[Opening Data excerpts section]

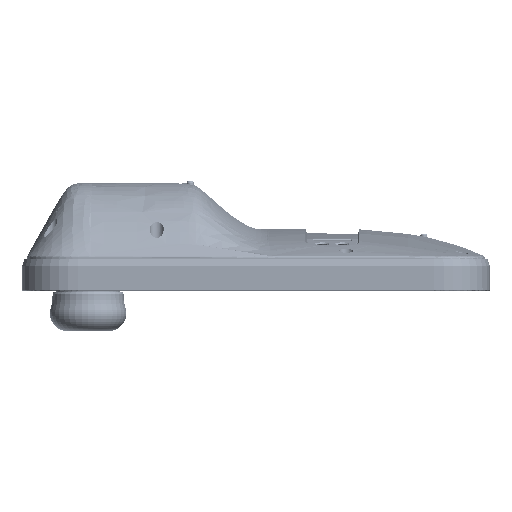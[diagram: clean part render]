
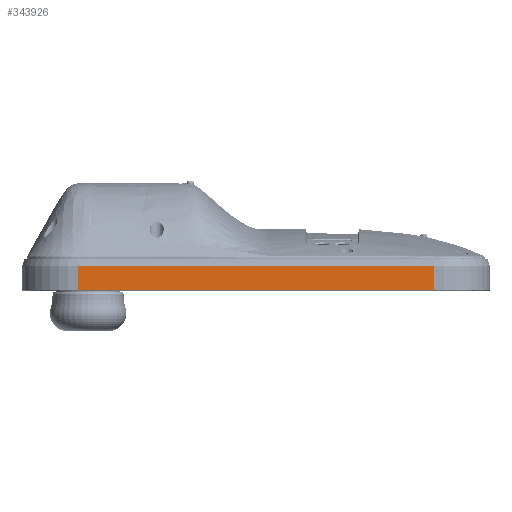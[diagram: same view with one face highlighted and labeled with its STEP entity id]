
A CAD part, left-side view. The second image highlights one B-rep face of the part: STEP entity #343926.
In plain terms, the highlighted planar face has unit normal (-1, 0, 0) as drawn and (1, 0, 0) by its records, which use the part's own axes.
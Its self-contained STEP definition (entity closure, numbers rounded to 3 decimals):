
#342807=DIRECTION('',(0.,1.,0.));
#342808=VECTOR('',#342807,140.001);
#342809=CARTESIAN_POINT('',(159.57,42.307,
-51.869));
#342810=LINE('',#342809,#342808);
#342862=DIRECTION('',(0.,0.,1.));
#342863=VECTOR('',#342862,9.308);
#342864=CARTESIAN_POINT('',(159.57,182.307,
-51.869));
#342865=LINE('',#342864,#342863);
#342883=DIRECTION('',(0.,0.,-1.));
#342884=VECTOR('',#342883,9.308);
#342885=CARTESIAN_POINT('',(159.57,42.307,
-42.561));
#342886=LINE('',#342885,#342884);
#343385=DIRECTION('',(0.,-1.,0.));
#343386=VECTOR('',#343385,140.);
#343387=CARTESIAN_POINT('',(159.57,182.307,
-42.561));
#343388=LINE('',#343387,#343386);
#343557=CARTESIAN_POINT('',(159.57,42.307,
-51.869));
#343558=VERTEX_POINT('',#343557);
#343560=CARTESIAN_POINT('',(159.57,182.307,
-51.869));
#343561=VERTEX_POINT('',#343560);
#343566=CARTESIAN_POINT('',(159.57,182.307,
-42.561));
#343567=VERTEX_POINT('',#343566);
#343568=CARTESIAN_POINT('',(159.57,42.307,
-42.561));
#343569=VERTEX_POINT('',#343568);
#343913=CARTESIAN_POINT('',(159.57,197.148,
-57.86));
#343914=DIRECTION('',(-1.,0.,0.));
#343915=DIRECTION('',(0.,1.,0.));
#343916=AXIS2_PLACEMENT_3D('',#343913,#343914,#343915);
#343917=PLANE('',#343916);
#343918=ORIENTED_EDGE('',*,*,#343852,.F.);
#343920=ORIENTED_EDGE('',*,*,#343919,.F.);
#343922=ORIENTED_EDGE('',*,*,#343921,.F.);
#343923=ORIENTED_EDGE('',*,*,#343905,.F.);
#343924=EDGE_LOOP('',(#343918,#343920,#343922,#343923));
#343925=FACE_OUTER_BOUND('',#343924,.F.);
#343852=EDGE_CURVE('',#343558,#343561,#342810,.T.);
#343905=EDGE_CURVE('',#343561,#343567,#342865,.T.);
#343919=EDGE_CURVE('',#343569,#343558,#342886,.T.);
#343921=EDGE_CURVE('',#343567,#343569,#343388,.T.);
#343926=ADVANCED_FACE('',(#343925),#343917,.F.);

[Closing Data excerpts section]

_About this task_:
Word for word, give back each entry from above, but skip any picture.

_Written reply_:
[diagram: clean part render]
[diagram: same view with one face highlighted and labeled with its STEP entity id]
A CAD part, left-side view. The second image highlights one B-rep face of the part: STEP entity #343926.
In plain terms, the highlighted planar face has unit normal (-1, 0, 0) as drawn and (1, 0, 0) by its records, which use the part's own axes.
Its self-contained STEP definition (entity closure, numbers rounded to 3 decimals):
#342807=DIRECTION('',(0.,1.,0.));
#342808=VECTOR('',#342807,140.001);
#342809=CARTESIAN_POINT('',(159.57,42.307,
-51.869));
#342810=LINE('',#342809,#342808);
#342862=DIRECTION('',(0.,0.,1.));
#342863=VECTOR('',#342862,9.308);
#342864=CARTESIAN_POINT('',(159.57,182.307,
-51.869));
#342865=LINE('',#342864,#342863);
#342883=DIRECTION('',(0.,0.,-1.));
#342884=VECTOR('',#342883,9.308);
#342885=CARTESIAN_POINT('',(159.57,42.307,
-42.561));
#342886=LINE('',#342885,#342884);
#343385=DIRECTION('',(0.,-1.,0.));
#343386=VECTOR('',#343385,140.);
#343387=CARTESIAN_POINT('',(159.57,182.307,
-42.561));
#343388=LINE('',#343387,#343386);
#343557=CARTESIAN_POINT('',(159.57,42.307,
-51.869));
#343558=VERTEX_POINT('',#343557);
#343560=CARTESIAN_POINT('',(159.57,182.307,
-51.869));
#343561=VERTEX_POINT('',#343560);
#343566=CARTESIAN_POINT('',(159.57,182.307,
-42.561));
#343567=VERTEX_POINT('',#343566);
#343568=CARTESIAN_POINT('',(159.57,42.307,
-42.561));
#343569=VERTEX_POINT('',#343568);
#343913=CARTESIAN_POINT('',(159.57,197.148,
-57.86));
#343914=DIRECTION('',(-1.,0.,0.));
#343915=DIRECTION('',(0.,1.,0.));
#343916=AXIS2_PLACEMENT_3D('',#343913,#343914,#343915);
#343917=PLANE('',#343916);
#343918=ORIENTED_EDGE('',*,*,#343852,.F.);
#343920=ORIENTED_EDGE('',*,*,#343919,.F.);
#343922=ORIENTED_EDGE('',*,*,#343921,.F.);
#343923=ORIENTED_EDGE('',*,*,#343905,.F.);
#343924=EDGE_LOOP('',(#343918,#343920,#343922,#343923));
#343925=FACE_OUTER_BOUND('',#343924,.F.);
#343852=EDGE_CURVE('',#343558,#343561,#342810,.T.);
#343905=EDGE_CURVE('',#343561,#343567,#342865,.T.);
#343919=EDGE_CURVE('',#343569,#343558,#342886,.T.);
#343921=EDGE_CURVE('',#343567,#343569,#343388,.T.);
#343926=ADVANCED_FACE('',(#343925),#343917,.F.);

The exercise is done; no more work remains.